Nous aimons distinguer les individus entre cohérents et incohérents, entre ceux qui sont fidèles à leurs principes ou ceux qui sont des opportunistes. Mais la réalité consiste souvent, justement, en cette transition décrite par Montaigne, dans laquelle l'homme se transforme à travers les rôles qu'il endosse. La logique du pouvoir se révèle souvent différente de celle des idées. Les élites ne sont pas seulement unies par des convictions communes, mais aussi par des dépendances réciproques.

Pareto, Mosca et Burnham ont décrit ce mécanisme bien avant notre époque, et j'ai moi-même essayé de le décrire dans Eliternas långa dans, où il s'exprimait dans la lutte pour le pouvoir en Iran, après Khamenei. Celui qui veut garder son influence doit parfois accepter des décisions qu'il n'aurait pas prises lui-même. Cela vaut aussi bien à Washington qu'à Téhéran.

Il est révélateur que la partie iranienne inclue désormais cette division dans son propre calcul stratégique. Esfandyar Batmanghelidj (photo) écrivait récemment que les dirigeants iraniens considèrent la tension entre différents camps à Washington comme la preuve d'une administration dysfonctionnelle.
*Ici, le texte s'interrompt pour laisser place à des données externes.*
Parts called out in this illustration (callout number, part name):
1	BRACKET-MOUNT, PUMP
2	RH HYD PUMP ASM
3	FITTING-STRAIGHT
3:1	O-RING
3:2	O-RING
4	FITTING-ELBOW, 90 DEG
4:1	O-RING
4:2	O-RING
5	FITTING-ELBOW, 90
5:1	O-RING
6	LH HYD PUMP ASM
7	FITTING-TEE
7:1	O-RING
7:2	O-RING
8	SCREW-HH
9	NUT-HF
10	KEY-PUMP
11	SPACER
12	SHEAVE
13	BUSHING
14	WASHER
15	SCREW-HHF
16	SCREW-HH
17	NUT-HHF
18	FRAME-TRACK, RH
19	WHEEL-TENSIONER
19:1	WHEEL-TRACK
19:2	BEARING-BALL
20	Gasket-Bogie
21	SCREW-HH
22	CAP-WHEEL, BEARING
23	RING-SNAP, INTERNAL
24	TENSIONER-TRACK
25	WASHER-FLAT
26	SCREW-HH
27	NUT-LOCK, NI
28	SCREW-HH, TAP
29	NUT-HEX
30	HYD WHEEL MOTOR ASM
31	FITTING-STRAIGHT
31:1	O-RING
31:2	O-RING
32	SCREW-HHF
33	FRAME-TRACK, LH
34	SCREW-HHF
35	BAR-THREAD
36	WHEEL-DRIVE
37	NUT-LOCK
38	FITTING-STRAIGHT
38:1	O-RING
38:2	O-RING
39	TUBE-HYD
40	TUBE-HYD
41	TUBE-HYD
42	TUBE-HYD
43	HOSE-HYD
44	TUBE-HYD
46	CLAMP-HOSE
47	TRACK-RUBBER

Ils voient un adversaire au sein du cabinet, pas seulement d'autres adversaires au Congrès. L'Iran a également noté que Trump a imposé de nouvelles conditions à l'accord sur l'énergie nucléaire avec l'Arabie Saoudite, bien que l'accord avait déjà été signé. Même la puissante alliance entre ces deux pays n'a pas résisté aux impulsions et exigences fluctuantes du président américain. La conclusion à Téhéran est que toute diplomatie avec les États-Unis est à peine possible. La tension intérieure qu'incarne Vance, balancé entre conviction et loyauté, est ainsi devenue un élément d'analyse pour une puissance hostile, et non plus seulement un drame politique interne propre aux Etats-Unis.
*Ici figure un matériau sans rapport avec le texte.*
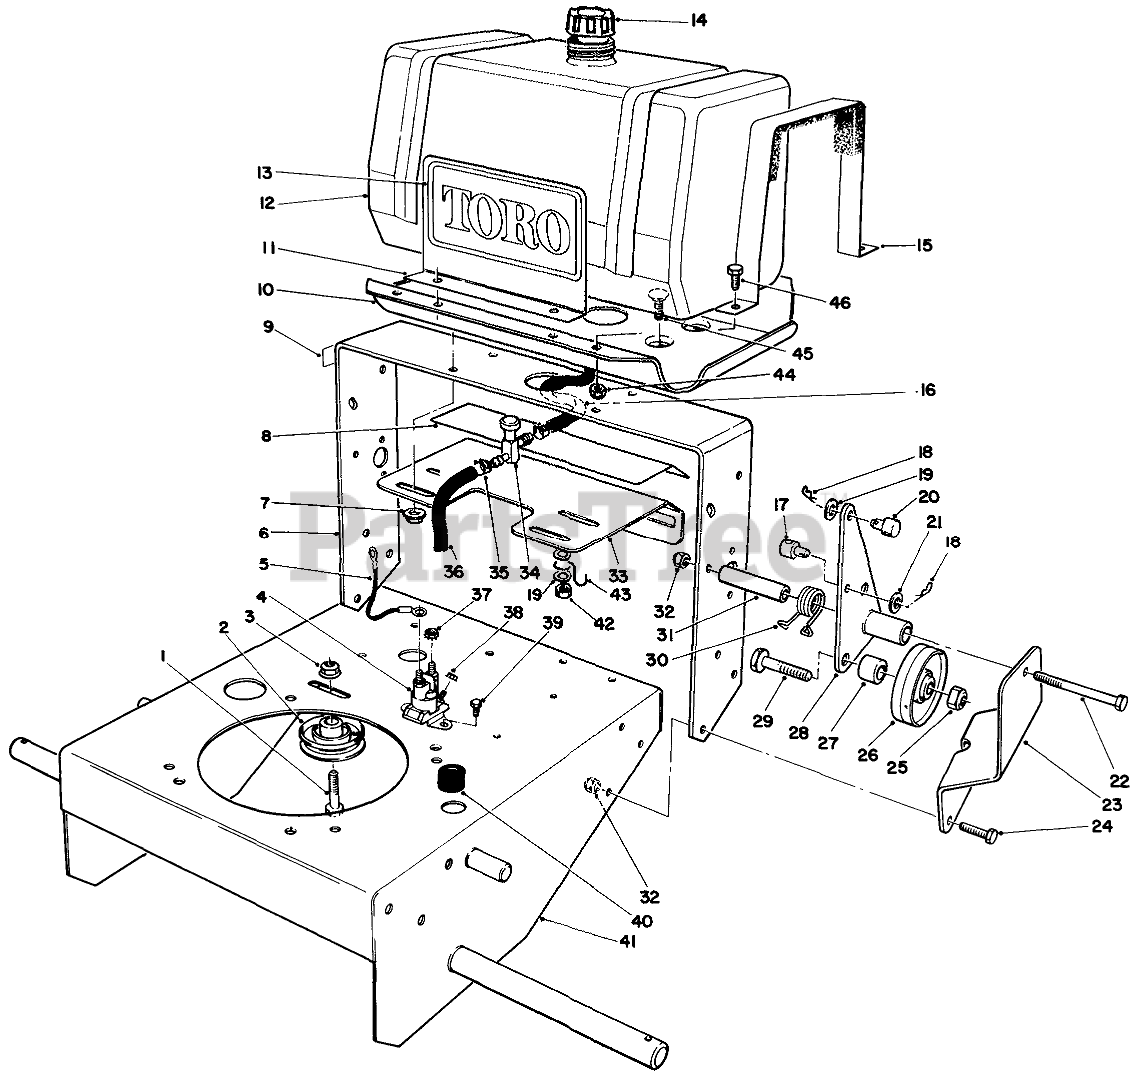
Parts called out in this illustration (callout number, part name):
1	SCREW-HH
2	PULLEY-IDLER
3	NUT-HF
4	Solenoid
5	WIRE-SOLENOID/STARTER
6	Frame-Rear
7	NUT-HF
8	Decal-Ground Speed
9	Decal-Fuel Shut Off
10	PLATE-FUEL TANK
11	DECAL-PLATE
12	TANK-FUEL
13	DECAL
14	GAS CAP ASM
15	STRAP ASM
16	HOSE-FUEL
17	ROD FITTING
18	PIN-COTTER
19	WASHER-PLAIN
20	ROD FITTING
21	WASHER-PLAIN
22	SCREW-HH
23	Support-Idler L.H.
24	SCREW-HH
25	NUT-LOCK, NI
26	IdlerWheel
27	WHEEL IDLER SPACER
28	LH IDLER BRKT WA
29	SCREW-LEVELER
30	SPRING-TORSION, LH
31	PIVOT-IDLER SPACER
32	NUT-LOCK, NI
33	Plate
34	FUEL VALVE
35	CLAMP-HOSE
36	GAS HOSE
37	NUT-KEPS
38	NUT-KEPS
39	SCREW
40	GROMMET
41	Frame
42	NUT-LOCK, NI
43	GAS LINE CLIP
44	NUT-LOCK, NI
45	SCREW-CARR
46	SCREW-HH
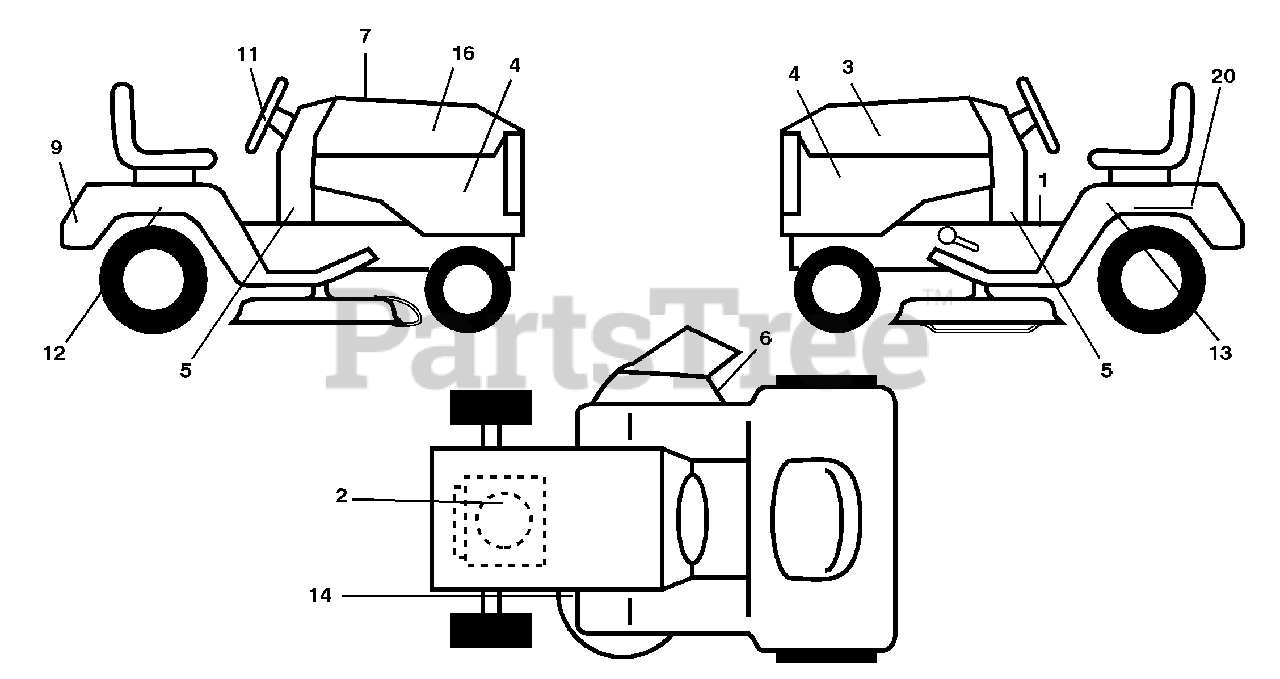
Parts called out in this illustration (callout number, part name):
1	Decal Oper
2	Decal Eng. H.P.
3	Decal Hood LH
4	Decal Side Panel Logo
5	Decal Lwr Dash
6	Decal Warning, Keep Hand Away
7	Decal Replacement Parts
9	Decal Fender Logo
11	Decal Ins Strg Whl
12	Decal Fend SD Rh
13	Decal Fend SD Lh
14	Decal V-Belt Schematic
16	Decal Hood Rh
20	Decal Bat Dan/Psn
20	Pad Footrest LH
20	Pad Footrest RH
20	Manual Operator's

Thomas Massie a choisi le chemin opposé. Il a maintenu sa critique et en a payé le prix politique. Cela ne le rend pas nécessairement plus sage que Vance, mais montre que cohérence et influence ne vont pas toujours de pair.

La véritable épreuve du postlibéralisme se retrouve bien ici, dans ce spectacle. Les idées ne changent pas les sociétés par leur seule force. Elles doivent être portées par des personnes qui parviennent à acquérir et à conserver le pouvoir. En même temps, le pouvoir transforme presque toujours ceux qui, au départ, détenaient les idées.
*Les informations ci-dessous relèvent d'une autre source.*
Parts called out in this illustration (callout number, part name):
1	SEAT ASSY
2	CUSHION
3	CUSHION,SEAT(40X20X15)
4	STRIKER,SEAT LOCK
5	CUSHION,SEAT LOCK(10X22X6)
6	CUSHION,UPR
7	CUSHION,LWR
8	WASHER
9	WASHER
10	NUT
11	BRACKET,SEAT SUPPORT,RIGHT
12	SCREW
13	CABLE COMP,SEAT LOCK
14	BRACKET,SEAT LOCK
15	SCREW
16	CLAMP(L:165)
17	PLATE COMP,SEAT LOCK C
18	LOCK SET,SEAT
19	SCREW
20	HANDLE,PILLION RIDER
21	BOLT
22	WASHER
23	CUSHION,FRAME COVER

Le postlibéralisme exige un État qui protège activement les institutions affaiblies par le libéralisme. Mais celui qui veut diriger un tel État doit d'abord survivre dans le système existant, avec ses alliances, ses compromis et ses crises.

J'ai déjà décrit ma propre position comme étant une forme de "réalisme tragique". Il ne s'agit pas de pessimisme, mais d'une méfiance envers l'idée que la politique offre toujours des choix clairs entre le bien et le mal. Plus j'écris sur la politique, moins je suis certain que la cohérence soit toujours possible. Peut-être est-ce une faiblesse chez moi. Peut-être est-ce simplement l'expression des conditions qui sont propres à la politique.

Savoir si Vance a compromis ou simplement découvert les limites de son propre pouvoir, voilà qui est difficile à déterminer. Peut-être que la différence est moins grande qu'on ne le pense. La question ne le concerne pas vraiment, mais elle concerne bien ce qui se passe lorsque les idées quittent les livres pour entrer dans les ministères, les salles de réunion et la Situation Room. Parfois, le monde y change, mais parfois ce sont aussi les idées qui changent.

Montaigne peignait la transition, pas l'état (de choses). C'est aussi cette transition qu'il vaut la peine d'étudier ici - non seulement du passage qui mène de la paix à la guerre, mais aussi celui qui va du penseur au détenteur du pouvoir. C'est une épreuve qui attend tôt ou tard tout mouvement qui veut transformer des idées en pouvoir. La question est simplement de savoir ce qui change le plus: la société ou celui qui a porté l'idée jusqu'ici.